Finding the maximum likelihood estimators for this shifted exponential PDF?

Question

Consider a random sample $X_1, X_2, \dots, X_n$ from the shifted exponential PDF

$$f(x; \lambda, \theta) = \begin{cases}\lambda e^{-\lambda(x-\theta)} ;& x \geq \theta\\ \theta ; &\text{Otherwise}\end{cases}$$

Taking $\theta = 0$ gives the pdf of the exponential distribution considered previously (with positive density to the right of zero).

a. Obtain the maximum likelihood estimators of $\theta$ and $\lambda$.
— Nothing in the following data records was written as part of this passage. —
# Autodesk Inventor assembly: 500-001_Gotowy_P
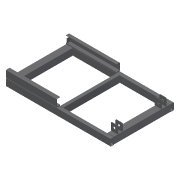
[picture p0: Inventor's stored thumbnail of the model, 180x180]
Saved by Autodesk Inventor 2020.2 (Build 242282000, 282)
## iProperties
Created: 2016-09
Part Number: 500-001_Gotowy_P
Document SubType Name: Assembly
Designer: F.Stasiak
Description: Podstawa
Manager: www.cadconsulting.pl
Company: Fabian Stasiak CAD Consulting
Author: F.Stasiak
Subject: Zbiór ćwiczeń. Autodesk Inventor 2020. Kurs podstawowy
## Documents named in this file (11)
- C:\2020_Kurs_podstawowy\R6 Zespoły\Warsztat\Komponenty\500-001_Gotowy_P.iam
- C:\2020_Kurs_podstawowy\R6 Zespoły\Warsztat\Komponenty\500-01-06.ipt
- C:\2020_Kurs_podstawowy\R6 Zespoły\Warsztat\Komponenty\500-01-07.ipt
- C:\2020_Kurs_podstawowy\R6 Zespoły\Warsztat\Komponenty\EN 10058 - 500-01-08.ipt
- C:\2020_Kurs_podstawowy\R6 Zespoły\Warsztat\Komponenty\DIN 120x60x4 500-01-01.ipt
- DIN 120x60x4 900-01-1.ipt
- C:\2020_Kurs_podstawowy\R6 Zespoły\Warsztat\Komponenty\DIN 120x60x4 500-01-02.ipt
- DIN 120x60x4 900-01-02.ipt
- C:\2020_Kurs_podstawowy\R6 Zespoły\Warsztat\Komponenty\DIN 120x60x4 500-01-04.ipt
- DIN 120x60x4 900-01-04.ipt
- C:\2020_Kurs_podstawowy\R6 Zespoły\Warsztat\Komponenty\500-01-08.ipt
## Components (15 placed, 7 different names)
1. 500-01-06:1 — Sztywne:13
2. 500-01-06:2 — Sztywne:12
3. 500-01-07:1 — Sztywne:14, Sztywne:9
4. 500-01-07:2 — Sztywne:14
5. 500-01-07:3 — Sztywne:7, Sztywne:8
6. 500-01-07:4 — Sztywne:7
7. EN 10058 - 500-01-08:1
8. EN 10058 - 500-01-08:2
9. DIN 120x60x4 500-01-01:1
10. DIN 120x60x4 500-01-02:1
11. DIN 120x60x4 500-01-04:1
12. DIN 120x60x4 500-01-01:2
13. DIN 120x60x4 500-01-04:2 — Sztywne:8, Sztywne:9
14. 500-01-08:1 — Sztywne:12
15. 500-01-08:2 — Sztywne:13
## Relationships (6: WeldJoint 6)
- Sztywne:7 [WeldJoint]: 500-01-07:3 ↔ 500-01-07:4
- Sztywne:8 [WeldJoint]: 500-01-07:3 ↔ DIN 120x60x4 500-01-04:2
- Sztywne:14 [WeldJoint]: 500-01-07:1 ↔ 500-01-07:2
- Sztywne:9 [WeldJoint]: 500-01-07:1 ↔ DIN 120x60x4 500-01-04:2
- Sztywne:12 [WeldJoint]: 500-01-06:2 ↔ 500-01-08:1
- Sztywne:13 [WeldJoint]: 500-01-06:1 ↔ 500-01-08:2
## Named parameters: d5_d13 = -143 mm
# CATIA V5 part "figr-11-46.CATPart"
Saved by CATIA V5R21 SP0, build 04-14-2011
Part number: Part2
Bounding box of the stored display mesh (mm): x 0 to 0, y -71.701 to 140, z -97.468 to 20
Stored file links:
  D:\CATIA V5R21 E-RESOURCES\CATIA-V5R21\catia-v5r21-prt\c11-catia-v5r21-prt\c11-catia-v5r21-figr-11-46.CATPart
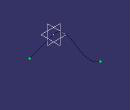
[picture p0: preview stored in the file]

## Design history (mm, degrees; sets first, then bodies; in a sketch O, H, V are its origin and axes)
Set1
  Extrapol1: ToExtrapol Sketch1.O, Support Sketch1, Length 121
Body1 (main body)
  Sketch1 on yz-plane, origin (0, 0, 0), H (0, 1, 0), V (0, 0, 1)
    spline S1 through (0, 0) (30, 20) (100, -10) (140, 0)
    point P1 (0, 0)
    coincidence: P1 O

I followed the basic rules for the MLE and came up with:

$$\lambda = \frac{n}{\sum_{i=1}^n(x_i - \theta)}$$

Should I take $\theta$ out and write it as $-n\theta$ and find $\theta$ in terms of $\lambda$?

Answer 1

The density of a single observation $x_i$ is $$f(x \mid \lambda, \theta) = \lambda e^{-\lambda(x-\theta)} \mathbb{1}(x \ge \theta).$$ The joint density of the entire sample $\boldsymbol x$ is therefore $$\begin{align*} f(\boldsymbol x \mid \lambda, \theta) &= \prod_{i=1}^n f(x_i \mid \lambda, \theta) \\ &= \lambda^n \exp\left(-\sum_{i=1}^n \lambda(x_i - \theta)\right) \mathbb{1}(x_{(1)} \ge \theta) \\ &= \lambda^n \exp\left(-\lambda n (\bar x - \theta)\right) \mathbb{1}(x_{(1)} \ge \theta), \end{align*}$$ where $\bar x$ is the sample mean. Hence the joint log-likelihood for $\lambda, \theta$ is proportional to $$\ell(\lambda, \theta \mid \boldsymbol x) \propto \log \lambda - \lambda(\bar x - \theta) + \log \mathbb{1}(x_{(1)} \ge \theta).$$ The log-likelihood is maximized for a pair of estimators $(\hat \lambda, \hat \theta)$. Because $\lambda > 0$, $\ell$ is an increasing function of $\theta$ until $\theta > x_{(1)} = \min_i x_i$; hence $\ell$ is maximal with respect to $\theta$ when $\theta$ is made as large as possible without exceeding the minimum order statistic; i.e., $\hat \theta = x_{(1)}$. For a given $\theta$, $\ell$ with respect to $\lambda > 0$ is a continuous function, thus we compute the partial derivative $$\frac{\partial \ell}{\partial \lambda} = \frac{1}{\lambda} - (\bar x - \theta),$$ for which the only critical point is $$\lambda = \frac{1}{\bar x - \theta},$$ and we can verify that this choice is a global maximum for $\lambda > 0$. Therefore, our joint maximum likelihood estimator is $$(\hat \lambda, \hat \theta) = \left((\bar x - x_{(1)})^{-1}, x_{(1)}\right).$$ Note that when both $\lambda$ and $\theta$ are unknown parameters, the MLE cannot contain any expressions involving $\lambda$ or $\theta$, as an estimator is always a function of the sample and/or known parameters.

Answer 2

\begin{align} & L(\lambda,\theta) = \begin{cases} 0 \text{ if } \theta > \min\{x_1,\ldots,x_n\}, \text{ but otherwise as below:} \\[10pt] \displaystyle \lambda^n \exp\left(-\lambda\sum_{i=1}^n (x_i-\theta) \right) = \lambda^n\exp\left( -\lambda n (\overline x - \theta) \right) \text{ where } \overline x = \frac 1 n \sum_{i=1}^n x_i \end{cases} \end{align}

As a function of $\theta,$ this function increases as $\theta$ increases, until $\theta$ gets as big as $\min\{x_1,\ldots,x_n\}.$

Therefore the MLE for $\theta$ is $\min\{x_1,\ldots,x_n\}.$

Then we have $\displaystyle L(\lambda,\min) = \lambda^n \exp\left( -\lambda \sum_{i=1}^n (x_i-\min) \right),$ and so $$ \ell = \log L(\lambda,\min) = n\log\lambda - {}\lambda\sum_{i=1}^n(x_i-\min). $$ $$ \frac{d\ell}{d\lambda} = \frac n \lambda - \sum_{i=1}^n (x_i-\min). $$ This is $0$ when $\lambda = \dfrac n {\sum_{i=1}^n (x_i-\min)}.$

That doesn't prove that there is a global maximum at that point, but the nature of the function makes it clear that a global maximum occurs somewhere, and the derivative has to be $0$ where it occurs, and then we find that there is only one point where the derivative is $0.$ So that's it.